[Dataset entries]
[Start of Attachment]
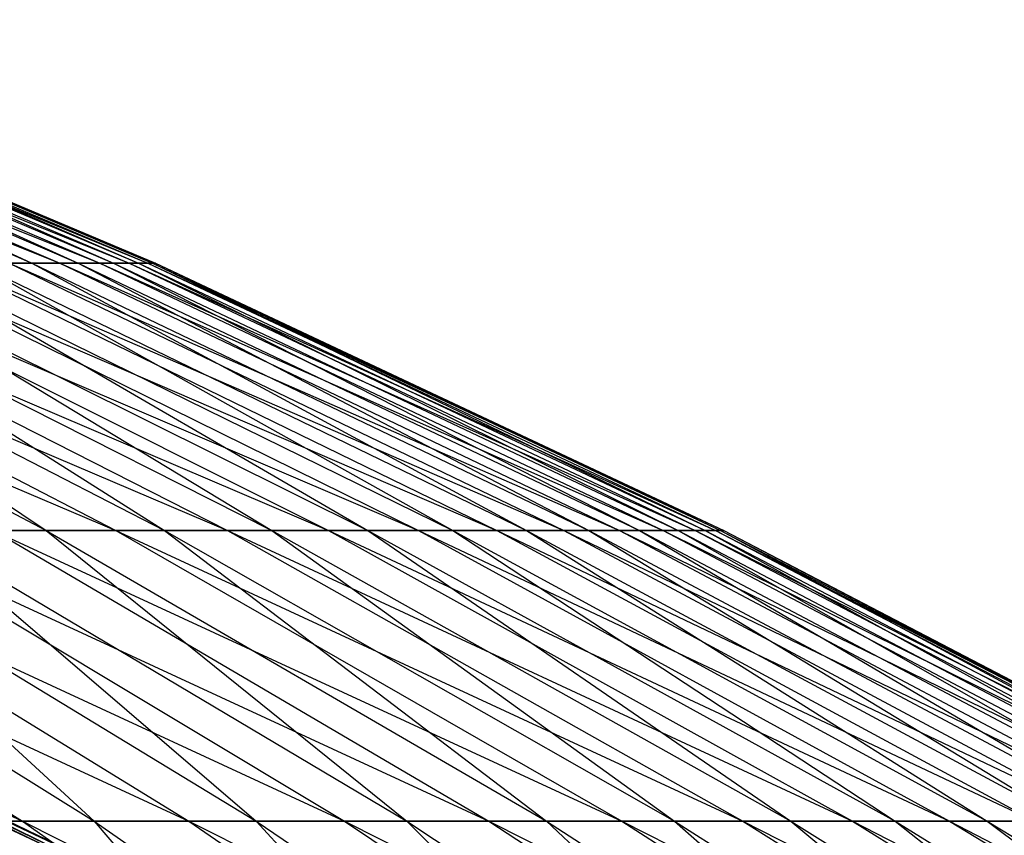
# Model space of a CAD drawing. Extents: x -125 to 125, y -143 to 0.
# Tile 333 of 406: x 23.85 to 27.79, y -30.35 to -27.08. Entities that reach past the tile are written whole.
import ezdxf

# ---------------------------------------------------------------- set-up
doc = ezdxf.new("R2010")
doc.units = 0
doc.header["$LTSCALE"] = 25.4
doc.layers.get('0').update_dxf_attribs({"linetype": 'CONTINUOUS'})

# ---------------------------------------------------------------- blocks, each defined once
blk = doc.blocks.new('NL2500027000_STL_3')
at = {"color": 0}
for p, q in [((21.5434, -27.0849, 4.8123), (24.0079, -28.0583, 4.3092)), ((21.5434, -27.0849, 4.8123), (24.0079, -28.0583, 4.3092)), ((21.6259, -27.0849, -4.4271), (23.896, -28.0583, -4.8918)), ((21.6259, -27.0849, -4.4271), (23.896, -28.0583, -4.8918)), ((21.7272, -27.0849, 3.8998), (24.1682, -28.0583, 3.2933)), ((21.7272, -27.0849, 3.8998), (24.1682, -28.0583, 3.2933)), ((21.7272, -27.0849, 3.8998), (24.0079, -28.0583, 4.3092)), ((21.7272, -27.0849, 3.8998), (24.0079, -28.0583, 4.3092)), ((21.7933, -27.0849, -3.5115), (23.896, -28.0583, -4.8918)), ((21.7933, -27.0849, -3.5115), (23.896, -28.0583, -4.8918)), ((21.7933, -27.0849, -3.5115), (24.0809, -28.0583, -3.8801)), ((21.7933, -27.0849, -3.5115), (24.0809, -28.0583, -3.8801)), ((21.8722, -27.0849, 2.9804), (24.2855, -28.0583, 2.2715)), ((21.8722, -27.0849, 2.9804), (24.2855, -28.0583, 2.2715)), ((21.8722, -27.0849, 2.9804), (24.1682, -28.0583, 3.2933)), ((21.8722, -27.0849, 2.9804), (24.1682, -28.0583, 3.2933)), ((21.922, -27.0849, -2.5896), (24.0809, -28.0583, -3.8801)), ((21.922, -27.0849, -2.5896), (24.0809, -28.0583, -3.8801)), ((21.922, -27.0849, -2.5896), (24.2231, -28.0583, -2.8614)), ((21.922, -27.0849, -2.5896), (24.2231, -28.0583, -2.8614)), ((21.9784, -27.0849, 2.0557), (24.3597, -28.0583, 1.2457)), ((21.9784, -27.0849, 2.0557), (24.3597, -28.0583, 1.2457)), ((21.9784, -27.0849, 2.0557), (24.2855, -28.0583, 2.2715)), ((21.9784, -27.0849, 2.0557), (24.2855, -28.0583, 2.2715)), ((22.0116, -27.0849, -1.6632), (24.2231, -28.0583, -2.8614)), ((22.0116, -27.0849, -1.6632), (24.2231, -28.0583, -2.8614)), ((22.0116, -27.0849, -1.6632), (24.3222, -28.0583, -1.8377)), ((22.0116, -27.0849, -1.6632), (24.3222, -28.0583, -1.8377)), ((22.0456, -27.0849, 1.1273), (24.3906, -28.0583, 0.2176)), ((22.0456, -27.0849, 1.1273), (24.3906, -28.0583, 0.2176)), ((22.0456, -27.0849, 1.1273), (24.3597, -28.0583, 1.2457)), ((22.0456, -27.0849, 1.1273), (24.3597, -28.0583, 1.2457)), ((22.0622, -27.0849, -0.7337), (24.3222, -28.0583, -1.8377)), ((22.0622, -27.0849, -0.7337), (24.3222, -28.0583, -1.8377)), ((22.0622, -27.0849, -0.7337), (24.378, -28.0583, -0.8108)), ((22.0622, -27.0849, -0.7337), (24.378, -28.0583, -0.8108)), ((22.0735, -27.0849, 0.197), (24.378, -28.0583, -0.8108)), ((22.0735, -27.0849, 0.197), (24.378, -28.0583, -0.8108)), ((22.0735, -27.0849, 0.197), (24.3906, -28.0583, 0.2176)), ((22.0735, -27.0849, 0.197), (24.3906, -28.0583, 0.2176)), ((21.7159, -28.0583, 11.1071), (24.2315, -29.1279, 11.1311)), ((21.7159, -28.0583, 11.1071), (24.2315, -29.1279, 11.1311)), ((21.9106, -28.0583, -10.7178), (23.9537, -29.1279, -11.7171)), ((21.9106, -28.0583, -10.7178), (23.9537, -29.1279, -11.7171)), ((22.1648, -28.0583, 10.1817), (24.6792, -29.1279, 10.0997)), ((22.1648, -28.0583, 10.1817), (24.6792, -29.1279, 10.0997)), ((22.1648, -28.0583, 10.1817), (24.2315, -29.1279, 11.1311)), ((22.1648, -28.0583, 10.1817), (24.2315, -29.1279, 11.1311)), ((22.343, -28.0583, -9.7846), (23.9537, -29.1279, -11.7171)), ((22.343, -28.0583, -9.7846), (23.9537, -29.1279, -11.7171)), ((22.343, -28.0583, -9.7846), (24.4263, -29.1279, -10.6969)), ((22.343, -28.0583, -9.7846), (24.4263, -29.1279, -10.6969)), ((22.5743, -28.0583, 9.2383), (25.0831, -29.1279, 9.0503)), ((22.5743, -28.0583, 9.2383), (25.0831, -29.1279, 9.0503)), ((22.5743, -28.0583, 9.2383), (24.6792, -29.1279, 10.0997)), ((22.5743, -28.0583, 9.2383), (24.6792, -29.1279, 10.0997)), ((22.7356, -28.0583, -8.8339), (24.4263, -29.1279, -10.6969)), ((22.7356, -28.0583, -8.8339), (24.4263, -29.1279, -10.6969)), ((22.7356, -28.0583, -8.8339), (24.8556, -29.1279, -9.6577)), ((22.7356, -28.0583, -8.8339), (24.8556, -29.1279, -9.6577)), ((22.9437, -28.0583, 8.2784), (25.4423, -29.1279, 7.9849)), ((22.9437, -28.0583, 8.2784), (25.4423, -29.1279, 7.9849)), ((22.9437, -28.0583, 8.2784), (25.0831, -29.1279, 9.0503)), ((22.9437, -28.0583, 8.2784), (25.0831, -29.1279, 9.0503)), ((23.0878, -28.0583, -7.8676), (24.8556, -29.1279, -9.6577)), ((23.0878, -28.0583, -7.8676), (24.8556, -29.1279, -9.6577)), ((23.0878, -28.0583, -7.8676), (25.2406, -29.1279, -8.6012)), ((23.0878, -28.0583, -7.8676), (25.2406, -29.1279, -8.6012)), ((23.2723, -28.0583, 7.3038), (25.7563, -29.1279, 6.9052)), ((23.2723, -28.0583, 7.3038), (25.7563, -29.1279, 6.9052)), ((23.2723, -28.0583, 7.3038), (25.4423, -29.1279, 7.9849)), ((23.2723, -28.0583, 7.3038), (25.4423, -29.1279, 7.9849)), ((23.399, -28.0583, -6.8873), (25.2406, -29.1279, -8.6012)), ((23.399, -28.0583, -6.8873), (25.2406, -29.1279, -8.6012)), ((23.399, -28.0583, -6.8873), (25.5808, -29.1279, -7.5295)), ((23.399, -28.0583, -6.8873), (25.5808, -29.1279, -7.5295)), ((23.5595, -28.0583, 6.3162), (26.0245, -29.1279, 5.8133)), ((23.5595, -28.0583, 6.3162), (26.0245, -29.1279, 5.8133)), ((23.5595, -28.0583, 6.3162), (25.7563, -29.1279, 6.9052)), ((23.5595, -28.0583, 6.3162), (25.7563, -29.1279, 6.9052)), ((23.896, -28.0583, -4.8918), (23.6685, -28.0583, -5.8948)), ((23.6685, -28.0583, -5.8948), (25.5808, -29.1279, -7.5295)), ((23.6685, -28.0583, -5.8948), (25.5808, -29.1279, -7.5295)), ((23.6685, -28.0583, -5.8948), (25.8754, -29.1279, -6.4445)), ((23.6685, -28.0583, -5.8948), (25.8754, -29.1279, -6.4445)), ((23.896, -28.0583, -4.8918), (23.6685, -28.0583, -5.8948)), ((23.8049, -28.0583, 5.3174), (24.0079, -28.0583, 4.3092)), ((23.8049, -28.0583, 5.3174), (24.0079, -28.0583, 4.3092)), ((23.8049, -28.0583, 5.3174), (26.2464, -29.1279, 4.711)), ((23.8049, -28.0583, 5.3174), (26.2464, -29.1279, 4.711)), ((23.8049, -28.0583, 5.3174), (26.0245, -29.1279, 5.8133)), ((23.8049, -28.0583, 5.3174), (26.0245, -29.1279, 5.8133)), ((24.0809, -28.0583, -3.8801), (23.896, -28.0583, -4.8918)), ((23.896, -28.0583, -4.8918), (25.8754, -29.1279, -6.4445)), ((23.896, -28.0583, -4.8918), (25.8754, -29.1279, -6.4445)), ((23.896, -28.0583, -4.8918), (26.1241, -29.1279, -5.3479)), ((23.896, -28.0583, -4.8918), (26.1241, -29.1279, -5.3479)), ((24.0809, -28.0583, -3.8801), (23.896, -28.0583, -4.8918)), ((24.0079, -28.0583, 4.3092), (24.1682, -28.0583, 3.2933)), ((24.0079, -28.0583, 4.3092), (24.1682, -28.0583, 3.2933)), ((24.0079, -28.0583, 4.3092), (26.4217, -29.1279, 3.6003)), ((24.0079, -28.0583, 4.3092), (26.4217, -29.1279, 3.6003)), ((24.0079, -28.0583, 4.3092), (26.2464, -29.1279, 4.711)), ((24.0079, -28.0583, 4.3092), (26.2464, -29.1279, 4.711)), ((24.2231, -28.0583, -2.8614), (24.0809, -28.0583, -3.8801)), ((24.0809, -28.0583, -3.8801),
[End of Attachment]
Your reply should consist of one number: how many lines in the entries contain the string "blocks".

- Response box -
2